И вот здесь-то происходит кульминационная встреча, которая должна, очевидно, резко повернуть весь ход действия романа: «…красивый молодой человек высокого росту, в мундире, вошел в комнату» (VIII, 33). Так появляется новое действующее лицо – стрелецкий сын Валериан, имя которого повторяла в бреду Наташа. (В зачеркнутых строках черновой рукописи VII главы швед тоже называет юношу Валерианом340.)
Тут же выясняются давние отношения, связывающие обоих героев: «Ты не узнал меня, Густав Адамыч, – сказал молодой посетитель тронутым голосом…» (VIII, 33).
Д.П.Якубович в не изданной при жизни статье справедливо предположил, что «Валериан жил в этом же доме и теперь, вернувшись обратно (очевидно, убежав), прежде всего является к прежнему учителю своему и Наташи. Швед, очевидно, нужен как подсобное лицо – посредник. От добродушного Густава Адамовича (несколькими штрихами предвосхищающего Леммов и Карлов Ивановичей) герой может узнать, что произошло в его отсутствие, он же может быть употреблен как посредник в переписке или свиданиях героев»341.

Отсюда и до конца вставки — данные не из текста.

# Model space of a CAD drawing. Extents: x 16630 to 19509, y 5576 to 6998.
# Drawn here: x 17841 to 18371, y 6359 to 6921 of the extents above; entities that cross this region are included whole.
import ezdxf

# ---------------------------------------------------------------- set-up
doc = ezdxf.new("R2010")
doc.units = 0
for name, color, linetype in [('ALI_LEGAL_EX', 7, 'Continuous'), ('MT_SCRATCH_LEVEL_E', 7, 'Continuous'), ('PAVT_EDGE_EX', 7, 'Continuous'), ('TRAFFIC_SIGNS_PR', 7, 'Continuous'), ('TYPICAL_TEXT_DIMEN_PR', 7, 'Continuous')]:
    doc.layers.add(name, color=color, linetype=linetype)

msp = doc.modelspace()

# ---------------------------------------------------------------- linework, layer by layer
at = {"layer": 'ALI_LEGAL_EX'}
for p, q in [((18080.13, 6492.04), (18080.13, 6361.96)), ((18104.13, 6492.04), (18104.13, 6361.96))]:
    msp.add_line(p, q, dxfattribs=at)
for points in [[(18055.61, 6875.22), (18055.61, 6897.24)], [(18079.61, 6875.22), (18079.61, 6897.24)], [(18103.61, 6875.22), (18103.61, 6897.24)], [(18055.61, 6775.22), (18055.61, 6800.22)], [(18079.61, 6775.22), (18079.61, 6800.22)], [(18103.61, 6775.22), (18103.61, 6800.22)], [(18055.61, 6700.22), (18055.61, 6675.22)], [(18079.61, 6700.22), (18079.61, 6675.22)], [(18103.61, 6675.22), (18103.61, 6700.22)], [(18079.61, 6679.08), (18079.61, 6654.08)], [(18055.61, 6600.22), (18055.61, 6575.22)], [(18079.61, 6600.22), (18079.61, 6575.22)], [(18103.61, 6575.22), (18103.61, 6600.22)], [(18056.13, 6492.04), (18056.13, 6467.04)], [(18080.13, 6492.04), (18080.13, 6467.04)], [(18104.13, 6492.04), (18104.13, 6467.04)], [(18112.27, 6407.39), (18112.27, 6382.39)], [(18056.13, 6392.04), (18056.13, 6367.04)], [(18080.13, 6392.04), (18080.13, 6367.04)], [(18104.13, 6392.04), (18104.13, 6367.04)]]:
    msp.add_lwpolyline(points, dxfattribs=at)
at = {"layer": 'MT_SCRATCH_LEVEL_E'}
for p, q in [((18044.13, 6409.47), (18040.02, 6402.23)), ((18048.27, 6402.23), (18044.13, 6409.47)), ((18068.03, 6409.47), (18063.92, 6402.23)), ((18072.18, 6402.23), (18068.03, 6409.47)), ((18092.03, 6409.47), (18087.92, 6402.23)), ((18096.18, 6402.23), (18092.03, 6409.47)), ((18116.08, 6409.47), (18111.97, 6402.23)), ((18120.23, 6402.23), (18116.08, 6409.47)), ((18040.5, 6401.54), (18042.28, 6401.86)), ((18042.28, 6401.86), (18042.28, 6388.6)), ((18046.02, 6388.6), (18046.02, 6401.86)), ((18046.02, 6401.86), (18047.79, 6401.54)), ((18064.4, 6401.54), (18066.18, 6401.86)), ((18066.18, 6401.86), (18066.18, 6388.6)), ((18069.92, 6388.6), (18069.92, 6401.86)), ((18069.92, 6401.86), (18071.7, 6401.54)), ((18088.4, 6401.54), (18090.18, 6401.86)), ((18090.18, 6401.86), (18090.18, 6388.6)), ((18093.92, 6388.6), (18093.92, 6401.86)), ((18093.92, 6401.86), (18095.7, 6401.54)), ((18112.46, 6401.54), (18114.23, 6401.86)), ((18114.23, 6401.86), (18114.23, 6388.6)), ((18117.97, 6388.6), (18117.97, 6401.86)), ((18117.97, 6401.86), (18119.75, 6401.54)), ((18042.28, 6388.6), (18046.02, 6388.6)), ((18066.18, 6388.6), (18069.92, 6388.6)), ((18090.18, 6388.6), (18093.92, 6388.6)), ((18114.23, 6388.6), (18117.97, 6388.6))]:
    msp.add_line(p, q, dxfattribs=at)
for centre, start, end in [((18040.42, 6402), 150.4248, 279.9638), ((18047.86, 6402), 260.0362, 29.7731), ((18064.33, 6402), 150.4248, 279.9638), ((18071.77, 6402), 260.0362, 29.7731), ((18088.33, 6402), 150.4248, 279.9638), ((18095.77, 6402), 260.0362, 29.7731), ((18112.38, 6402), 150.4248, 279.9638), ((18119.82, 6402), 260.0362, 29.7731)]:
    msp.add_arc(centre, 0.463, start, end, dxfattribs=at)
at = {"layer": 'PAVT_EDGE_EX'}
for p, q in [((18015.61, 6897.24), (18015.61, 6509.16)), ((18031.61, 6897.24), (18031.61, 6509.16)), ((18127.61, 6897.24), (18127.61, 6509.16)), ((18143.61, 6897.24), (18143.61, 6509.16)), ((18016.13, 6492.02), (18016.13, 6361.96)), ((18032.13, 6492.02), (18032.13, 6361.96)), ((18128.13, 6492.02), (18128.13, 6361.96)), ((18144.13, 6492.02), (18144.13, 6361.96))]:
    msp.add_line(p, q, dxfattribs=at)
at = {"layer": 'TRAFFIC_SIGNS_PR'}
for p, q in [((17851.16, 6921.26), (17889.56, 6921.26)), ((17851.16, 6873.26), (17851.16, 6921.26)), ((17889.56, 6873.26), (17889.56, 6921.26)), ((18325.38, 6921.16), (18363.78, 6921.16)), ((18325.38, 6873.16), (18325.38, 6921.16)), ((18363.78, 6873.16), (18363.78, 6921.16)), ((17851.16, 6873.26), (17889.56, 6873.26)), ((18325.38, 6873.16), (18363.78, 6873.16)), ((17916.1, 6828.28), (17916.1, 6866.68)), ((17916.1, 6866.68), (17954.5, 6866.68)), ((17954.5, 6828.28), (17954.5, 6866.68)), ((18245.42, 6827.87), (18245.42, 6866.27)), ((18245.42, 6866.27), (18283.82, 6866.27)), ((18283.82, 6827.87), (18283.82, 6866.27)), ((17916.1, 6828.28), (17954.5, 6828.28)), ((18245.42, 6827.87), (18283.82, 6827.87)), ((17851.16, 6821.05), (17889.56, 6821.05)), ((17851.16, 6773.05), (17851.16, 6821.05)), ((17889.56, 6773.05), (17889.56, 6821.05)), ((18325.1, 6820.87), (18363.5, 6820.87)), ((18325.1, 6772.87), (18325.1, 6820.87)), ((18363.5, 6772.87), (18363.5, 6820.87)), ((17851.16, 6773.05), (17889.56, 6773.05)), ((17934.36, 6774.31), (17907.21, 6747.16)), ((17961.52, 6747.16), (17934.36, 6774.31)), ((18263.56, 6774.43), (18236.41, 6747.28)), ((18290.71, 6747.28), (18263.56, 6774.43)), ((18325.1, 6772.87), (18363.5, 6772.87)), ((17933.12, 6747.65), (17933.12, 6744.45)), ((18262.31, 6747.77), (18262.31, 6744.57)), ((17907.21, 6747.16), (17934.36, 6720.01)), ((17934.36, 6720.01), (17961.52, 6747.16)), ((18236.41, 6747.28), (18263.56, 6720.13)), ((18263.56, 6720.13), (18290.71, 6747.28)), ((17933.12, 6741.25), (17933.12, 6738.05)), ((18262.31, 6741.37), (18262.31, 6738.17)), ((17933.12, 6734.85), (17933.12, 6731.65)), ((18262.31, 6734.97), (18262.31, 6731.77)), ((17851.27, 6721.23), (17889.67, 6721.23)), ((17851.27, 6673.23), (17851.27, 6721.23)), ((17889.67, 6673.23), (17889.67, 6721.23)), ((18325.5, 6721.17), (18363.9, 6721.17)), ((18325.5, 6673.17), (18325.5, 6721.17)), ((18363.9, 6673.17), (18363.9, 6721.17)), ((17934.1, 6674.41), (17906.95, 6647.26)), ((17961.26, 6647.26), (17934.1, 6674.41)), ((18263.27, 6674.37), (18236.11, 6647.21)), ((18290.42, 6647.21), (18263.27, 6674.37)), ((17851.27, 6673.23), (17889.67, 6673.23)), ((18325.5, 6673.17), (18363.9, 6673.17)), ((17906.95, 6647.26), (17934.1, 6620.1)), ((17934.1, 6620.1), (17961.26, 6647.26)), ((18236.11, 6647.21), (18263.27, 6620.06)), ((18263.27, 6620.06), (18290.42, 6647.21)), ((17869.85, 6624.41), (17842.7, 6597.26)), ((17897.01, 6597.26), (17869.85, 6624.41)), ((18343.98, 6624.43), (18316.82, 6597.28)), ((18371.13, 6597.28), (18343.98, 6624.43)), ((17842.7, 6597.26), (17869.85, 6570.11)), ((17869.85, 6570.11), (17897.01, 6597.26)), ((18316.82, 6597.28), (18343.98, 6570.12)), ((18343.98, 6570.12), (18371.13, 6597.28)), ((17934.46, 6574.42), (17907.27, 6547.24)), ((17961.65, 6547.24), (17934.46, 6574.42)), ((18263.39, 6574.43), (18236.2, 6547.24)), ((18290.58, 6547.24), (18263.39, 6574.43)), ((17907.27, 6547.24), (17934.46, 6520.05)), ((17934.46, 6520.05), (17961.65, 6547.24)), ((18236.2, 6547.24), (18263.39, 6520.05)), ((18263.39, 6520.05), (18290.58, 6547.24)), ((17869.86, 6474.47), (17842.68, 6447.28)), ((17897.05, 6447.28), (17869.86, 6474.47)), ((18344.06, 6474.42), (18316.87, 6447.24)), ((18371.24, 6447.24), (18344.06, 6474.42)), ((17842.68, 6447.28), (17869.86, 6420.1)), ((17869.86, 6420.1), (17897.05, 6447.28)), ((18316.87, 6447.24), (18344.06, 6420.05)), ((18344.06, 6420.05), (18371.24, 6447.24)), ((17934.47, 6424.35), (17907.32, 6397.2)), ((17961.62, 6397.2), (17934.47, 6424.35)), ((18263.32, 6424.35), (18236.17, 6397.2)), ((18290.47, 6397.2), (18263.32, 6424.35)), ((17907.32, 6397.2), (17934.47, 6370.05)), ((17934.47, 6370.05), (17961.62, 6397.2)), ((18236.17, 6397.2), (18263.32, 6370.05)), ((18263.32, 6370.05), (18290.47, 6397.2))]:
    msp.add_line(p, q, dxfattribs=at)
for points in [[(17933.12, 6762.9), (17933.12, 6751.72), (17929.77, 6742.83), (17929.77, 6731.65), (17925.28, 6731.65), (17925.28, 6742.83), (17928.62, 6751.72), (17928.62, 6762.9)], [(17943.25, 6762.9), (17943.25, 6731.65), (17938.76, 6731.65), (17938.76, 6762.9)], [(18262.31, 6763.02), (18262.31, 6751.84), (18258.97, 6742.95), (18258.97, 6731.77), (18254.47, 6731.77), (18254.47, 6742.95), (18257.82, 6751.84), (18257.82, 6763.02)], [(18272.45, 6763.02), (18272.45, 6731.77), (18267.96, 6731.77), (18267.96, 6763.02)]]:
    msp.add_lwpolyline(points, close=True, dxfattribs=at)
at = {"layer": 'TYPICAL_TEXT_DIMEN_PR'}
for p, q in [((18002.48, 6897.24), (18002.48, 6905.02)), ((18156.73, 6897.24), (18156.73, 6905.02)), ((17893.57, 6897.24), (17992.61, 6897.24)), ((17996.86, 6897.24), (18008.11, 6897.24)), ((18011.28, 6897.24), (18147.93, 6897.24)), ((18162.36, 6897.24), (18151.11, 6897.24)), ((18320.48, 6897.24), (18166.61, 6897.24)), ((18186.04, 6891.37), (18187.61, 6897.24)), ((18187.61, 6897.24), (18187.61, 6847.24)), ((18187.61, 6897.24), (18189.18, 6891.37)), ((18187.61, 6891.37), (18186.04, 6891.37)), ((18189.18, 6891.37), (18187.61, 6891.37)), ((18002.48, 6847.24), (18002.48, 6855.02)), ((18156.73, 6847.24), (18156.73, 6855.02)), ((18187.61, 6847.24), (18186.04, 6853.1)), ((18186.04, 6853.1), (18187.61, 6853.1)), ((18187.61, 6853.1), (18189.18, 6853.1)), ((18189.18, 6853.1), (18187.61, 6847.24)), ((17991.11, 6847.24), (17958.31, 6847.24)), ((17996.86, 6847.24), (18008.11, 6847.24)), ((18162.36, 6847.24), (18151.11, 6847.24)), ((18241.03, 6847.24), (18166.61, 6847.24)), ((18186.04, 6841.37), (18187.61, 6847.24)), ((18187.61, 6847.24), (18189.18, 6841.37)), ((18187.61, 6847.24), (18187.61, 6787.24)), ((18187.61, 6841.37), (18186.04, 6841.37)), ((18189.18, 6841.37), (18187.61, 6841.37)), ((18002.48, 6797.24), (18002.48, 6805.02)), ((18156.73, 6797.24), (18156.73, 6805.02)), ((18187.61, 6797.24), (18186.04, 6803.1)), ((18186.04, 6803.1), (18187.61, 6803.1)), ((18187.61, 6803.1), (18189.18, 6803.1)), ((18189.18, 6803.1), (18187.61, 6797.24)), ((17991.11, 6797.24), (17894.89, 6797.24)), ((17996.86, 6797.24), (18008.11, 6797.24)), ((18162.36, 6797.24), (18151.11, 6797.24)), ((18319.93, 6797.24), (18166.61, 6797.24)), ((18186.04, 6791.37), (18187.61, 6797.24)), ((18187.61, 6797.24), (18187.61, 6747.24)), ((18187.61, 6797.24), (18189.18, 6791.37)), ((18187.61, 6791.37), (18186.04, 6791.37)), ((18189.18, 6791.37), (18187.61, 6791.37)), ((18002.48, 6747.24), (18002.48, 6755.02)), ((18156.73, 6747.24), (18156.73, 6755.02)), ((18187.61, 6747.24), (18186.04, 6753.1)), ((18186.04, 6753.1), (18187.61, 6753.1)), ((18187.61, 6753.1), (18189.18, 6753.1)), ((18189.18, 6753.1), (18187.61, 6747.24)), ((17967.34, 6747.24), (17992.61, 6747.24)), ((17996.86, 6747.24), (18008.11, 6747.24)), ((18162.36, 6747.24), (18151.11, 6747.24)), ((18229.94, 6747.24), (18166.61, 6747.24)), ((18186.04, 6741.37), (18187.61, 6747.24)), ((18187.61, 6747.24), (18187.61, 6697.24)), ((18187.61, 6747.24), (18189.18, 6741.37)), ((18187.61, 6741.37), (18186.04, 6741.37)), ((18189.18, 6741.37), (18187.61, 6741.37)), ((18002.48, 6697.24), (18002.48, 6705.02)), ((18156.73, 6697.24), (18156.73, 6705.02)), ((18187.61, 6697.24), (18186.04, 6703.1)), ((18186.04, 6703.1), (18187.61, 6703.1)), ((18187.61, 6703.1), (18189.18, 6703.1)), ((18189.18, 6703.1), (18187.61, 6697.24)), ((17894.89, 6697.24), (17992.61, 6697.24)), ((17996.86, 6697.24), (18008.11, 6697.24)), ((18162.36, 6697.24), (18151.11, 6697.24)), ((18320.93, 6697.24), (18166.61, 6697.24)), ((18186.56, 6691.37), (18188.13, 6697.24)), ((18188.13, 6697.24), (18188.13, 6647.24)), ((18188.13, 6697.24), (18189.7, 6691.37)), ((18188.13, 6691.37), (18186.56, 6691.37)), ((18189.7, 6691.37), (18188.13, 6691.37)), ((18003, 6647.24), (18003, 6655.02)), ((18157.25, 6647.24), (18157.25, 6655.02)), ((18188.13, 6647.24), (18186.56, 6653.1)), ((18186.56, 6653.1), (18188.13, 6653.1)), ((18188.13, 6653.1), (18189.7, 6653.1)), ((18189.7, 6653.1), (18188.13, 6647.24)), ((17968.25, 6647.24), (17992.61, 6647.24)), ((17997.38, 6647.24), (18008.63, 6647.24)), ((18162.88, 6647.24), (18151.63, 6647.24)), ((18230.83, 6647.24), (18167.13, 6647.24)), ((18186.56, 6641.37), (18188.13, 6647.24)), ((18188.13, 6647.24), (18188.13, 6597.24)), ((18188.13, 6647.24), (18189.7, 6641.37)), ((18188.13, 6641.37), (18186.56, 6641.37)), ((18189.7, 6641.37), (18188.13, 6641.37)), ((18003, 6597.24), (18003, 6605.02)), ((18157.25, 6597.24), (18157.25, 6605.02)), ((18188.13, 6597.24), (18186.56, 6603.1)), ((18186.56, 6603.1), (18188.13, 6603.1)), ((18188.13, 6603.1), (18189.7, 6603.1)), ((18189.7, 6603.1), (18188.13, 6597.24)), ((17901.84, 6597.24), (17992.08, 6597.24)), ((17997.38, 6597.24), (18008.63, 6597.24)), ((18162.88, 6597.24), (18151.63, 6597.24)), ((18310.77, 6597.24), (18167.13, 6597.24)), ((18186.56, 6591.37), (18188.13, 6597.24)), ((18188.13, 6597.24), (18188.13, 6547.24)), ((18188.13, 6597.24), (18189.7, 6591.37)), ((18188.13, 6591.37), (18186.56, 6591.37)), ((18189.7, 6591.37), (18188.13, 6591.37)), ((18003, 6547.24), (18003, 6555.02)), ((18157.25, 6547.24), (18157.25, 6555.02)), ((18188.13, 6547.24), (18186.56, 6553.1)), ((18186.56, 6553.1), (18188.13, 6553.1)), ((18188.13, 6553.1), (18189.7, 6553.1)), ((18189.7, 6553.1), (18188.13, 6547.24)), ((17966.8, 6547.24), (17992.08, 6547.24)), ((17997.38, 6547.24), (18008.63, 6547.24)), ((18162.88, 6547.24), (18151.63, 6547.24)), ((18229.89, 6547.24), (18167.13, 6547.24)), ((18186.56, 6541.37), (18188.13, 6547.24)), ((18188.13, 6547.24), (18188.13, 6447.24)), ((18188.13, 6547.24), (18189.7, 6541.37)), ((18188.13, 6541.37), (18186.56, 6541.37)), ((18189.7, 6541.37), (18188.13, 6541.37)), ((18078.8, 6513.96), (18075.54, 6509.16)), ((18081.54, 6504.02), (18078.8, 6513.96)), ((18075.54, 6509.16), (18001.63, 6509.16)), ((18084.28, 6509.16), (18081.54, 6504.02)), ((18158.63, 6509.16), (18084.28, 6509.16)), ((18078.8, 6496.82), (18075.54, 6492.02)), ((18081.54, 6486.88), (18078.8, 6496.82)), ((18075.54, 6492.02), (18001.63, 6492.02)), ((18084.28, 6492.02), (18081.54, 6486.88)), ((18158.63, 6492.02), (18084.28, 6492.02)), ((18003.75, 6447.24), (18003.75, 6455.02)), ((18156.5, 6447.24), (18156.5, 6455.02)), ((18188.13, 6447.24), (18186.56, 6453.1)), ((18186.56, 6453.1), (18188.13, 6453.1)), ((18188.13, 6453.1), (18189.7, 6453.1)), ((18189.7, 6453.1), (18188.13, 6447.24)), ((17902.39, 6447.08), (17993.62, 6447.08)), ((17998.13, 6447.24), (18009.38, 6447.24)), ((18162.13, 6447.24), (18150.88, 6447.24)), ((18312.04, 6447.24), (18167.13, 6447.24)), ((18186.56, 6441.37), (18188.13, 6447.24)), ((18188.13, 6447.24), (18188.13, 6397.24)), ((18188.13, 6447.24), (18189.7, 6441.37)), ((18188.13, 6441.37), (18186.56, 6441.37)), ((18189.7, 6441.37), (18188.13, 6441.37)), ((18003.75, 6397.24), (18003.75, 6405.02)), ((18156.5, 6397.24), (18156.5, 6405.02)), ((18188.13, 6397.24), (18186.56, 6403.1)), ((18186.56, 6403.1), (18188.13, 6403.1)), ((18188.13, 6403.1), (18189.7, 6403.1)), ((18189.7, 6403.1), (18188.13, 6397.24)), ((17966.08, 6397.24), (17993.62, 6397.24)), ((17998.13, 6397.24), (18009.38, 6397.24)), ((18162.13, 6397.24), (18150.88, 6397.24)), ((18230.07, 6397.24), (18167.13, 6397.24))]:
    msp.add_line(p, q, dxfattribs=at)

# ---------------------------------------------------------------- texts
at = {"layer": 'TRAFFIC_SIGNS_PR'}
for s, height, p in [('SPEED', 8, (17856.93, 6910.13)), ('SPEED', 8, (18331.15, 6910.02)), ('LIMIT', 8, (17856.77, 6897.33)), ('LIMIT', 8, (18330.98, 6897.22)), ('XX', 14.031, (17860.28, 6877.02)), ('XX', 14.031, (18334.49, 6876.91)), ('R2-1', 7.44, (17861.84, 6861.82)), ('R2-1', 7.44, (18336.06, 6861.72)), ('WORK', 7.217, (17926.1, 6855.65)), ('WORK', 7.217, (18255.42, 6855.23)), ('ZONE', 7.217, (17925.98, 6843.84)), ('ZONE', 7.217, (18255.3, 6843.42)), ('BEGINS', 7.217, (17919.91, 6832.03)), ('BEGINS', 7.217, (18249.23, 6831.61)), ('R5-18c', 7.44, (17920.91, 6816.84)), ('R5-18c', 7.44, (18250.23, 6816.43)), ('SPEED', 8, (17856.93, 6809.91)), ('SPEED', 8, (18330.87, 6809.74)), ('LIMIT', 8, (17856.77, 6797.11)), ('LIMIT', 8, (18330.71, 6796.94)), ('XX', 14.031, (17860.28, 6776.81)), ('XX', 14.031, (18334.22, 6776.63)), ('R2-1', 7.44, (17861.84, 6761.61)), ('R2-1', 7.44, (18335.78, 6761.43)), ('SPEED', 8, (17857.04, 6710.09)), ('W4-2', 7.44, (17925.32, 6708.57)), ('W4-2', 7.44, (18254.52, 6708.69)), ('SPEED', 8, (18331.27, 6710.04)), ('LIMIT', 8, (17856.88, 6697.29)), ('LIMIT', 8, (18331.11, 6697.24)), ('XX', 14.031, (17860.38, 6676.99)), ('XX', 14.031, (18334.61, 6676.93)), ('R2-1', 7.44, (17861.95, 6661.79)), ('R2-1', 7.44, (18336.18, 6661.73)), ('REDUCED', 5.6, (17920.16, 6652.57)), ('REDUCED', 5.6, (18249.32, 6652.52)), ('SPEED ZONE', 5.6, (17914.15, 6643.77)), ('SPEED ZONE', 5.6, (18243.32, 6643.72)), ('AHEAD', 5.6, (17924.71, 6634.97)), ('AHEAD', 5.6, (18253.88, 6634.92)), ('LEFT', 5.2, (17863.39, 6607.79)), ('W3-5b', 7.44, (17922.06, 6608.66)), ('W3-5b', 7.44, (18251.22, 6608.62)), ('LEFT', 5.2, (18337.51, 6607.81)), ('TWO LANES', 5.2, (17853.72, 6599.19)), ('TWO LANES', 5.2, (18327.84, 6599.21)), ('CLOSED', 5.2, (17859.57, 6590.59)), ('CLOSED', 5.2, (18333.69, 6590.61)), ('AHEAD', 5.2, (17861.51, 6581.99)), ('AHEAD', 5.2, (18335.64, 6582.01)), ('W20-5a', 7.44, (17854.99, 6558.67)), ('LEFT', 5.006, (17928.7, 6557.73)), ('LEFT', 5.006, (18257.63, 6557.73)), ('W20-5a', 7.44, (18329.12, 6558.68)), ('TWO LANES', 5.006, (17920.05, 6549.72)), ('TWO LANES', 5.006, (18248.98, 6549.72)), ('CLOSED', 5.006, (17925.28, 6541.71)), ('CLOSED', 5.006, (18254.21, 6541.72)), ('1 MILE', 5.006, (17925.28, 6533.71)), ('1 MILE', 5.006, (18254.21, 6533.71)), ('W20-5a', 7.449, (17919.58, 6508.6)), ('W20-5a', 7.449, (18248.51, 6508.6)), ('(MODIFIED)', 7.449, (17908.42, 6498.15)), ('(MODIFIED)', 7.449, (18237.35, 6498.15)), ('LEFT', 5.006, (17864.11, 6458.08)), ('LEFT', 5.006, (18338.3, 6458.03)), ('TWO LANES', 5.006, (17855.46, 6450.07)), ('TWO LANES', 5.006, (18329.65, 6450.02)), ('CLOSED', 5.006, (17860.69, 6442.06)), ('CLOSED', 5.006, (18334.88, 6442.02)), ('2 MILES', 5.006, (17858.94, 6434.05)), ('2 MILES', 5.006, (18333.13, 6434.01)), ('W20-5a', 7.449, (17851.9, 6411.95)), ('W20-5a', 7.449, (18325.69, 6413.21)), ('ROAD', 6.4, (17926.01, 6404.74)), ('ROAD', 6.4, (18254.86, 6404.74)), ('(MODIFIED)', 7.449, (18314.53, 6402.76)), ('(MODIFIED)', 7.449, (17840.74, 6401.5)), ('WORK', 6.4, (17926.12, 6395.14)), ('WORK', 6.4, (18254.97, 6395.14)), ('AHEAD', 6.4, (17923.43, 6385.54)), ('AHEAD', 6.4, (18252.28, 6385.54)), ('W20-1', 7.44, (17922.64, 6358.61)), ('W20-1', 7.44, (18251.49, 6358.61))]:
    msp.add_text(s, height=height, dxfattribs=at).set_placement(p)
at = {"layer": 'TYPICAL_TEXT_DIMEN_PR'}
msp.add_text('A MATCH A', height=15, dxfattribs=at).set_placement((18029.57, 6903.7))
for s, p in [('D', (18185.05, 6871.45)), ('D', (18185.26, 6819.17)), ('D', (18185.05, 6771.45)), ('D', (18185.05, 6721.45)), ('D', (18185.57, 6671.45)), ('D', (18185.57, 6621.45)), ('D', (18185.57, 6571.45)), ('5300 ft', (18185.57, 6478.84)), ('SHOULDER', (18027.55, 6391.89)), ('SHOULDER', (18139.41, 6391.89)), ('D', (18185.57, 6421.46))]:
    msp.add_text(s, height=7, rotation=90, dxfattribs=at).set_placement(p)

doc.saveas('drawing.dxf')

Пушкин ярко передает неправильную русскую речь Густава Адамовича: «…Сдарофо, тофно ли твой сдесь. Садись, твой тобрий повес, погофорим» (VIII, 33). Процитируем вновь пушкинское семейное предание: «Дед мой, Осип Абрамович (настоящее имя его было Януарий, но прабабушка моя (в черновике: «но прабабушка моя, родом шведка…» – XII, 433) не согласилась звать его этим именем, трудным для ее немецкого произношения: шорн шорт, говорила она, делат мне шорни репят и дает им шертовск имя)», – сказано в «Начале автобиографии» (XII, 313, курсив Пушкина).
Сравним с лицейским анекдотом: И.И.Пущин, вспоминая открытие лицея, воспроизвел акцент старой императрицы немки Марии Федоровны: «Карош суп?»342
Позднее почти с таким же акцентом заговорит в «Капитанской дочке» начальник Петруши, читающий письмо старика Гринева: Поже мой! Тавно ли <…> а вот уш какой молотец! Ах, фремя, фремя!» (VIII, 292).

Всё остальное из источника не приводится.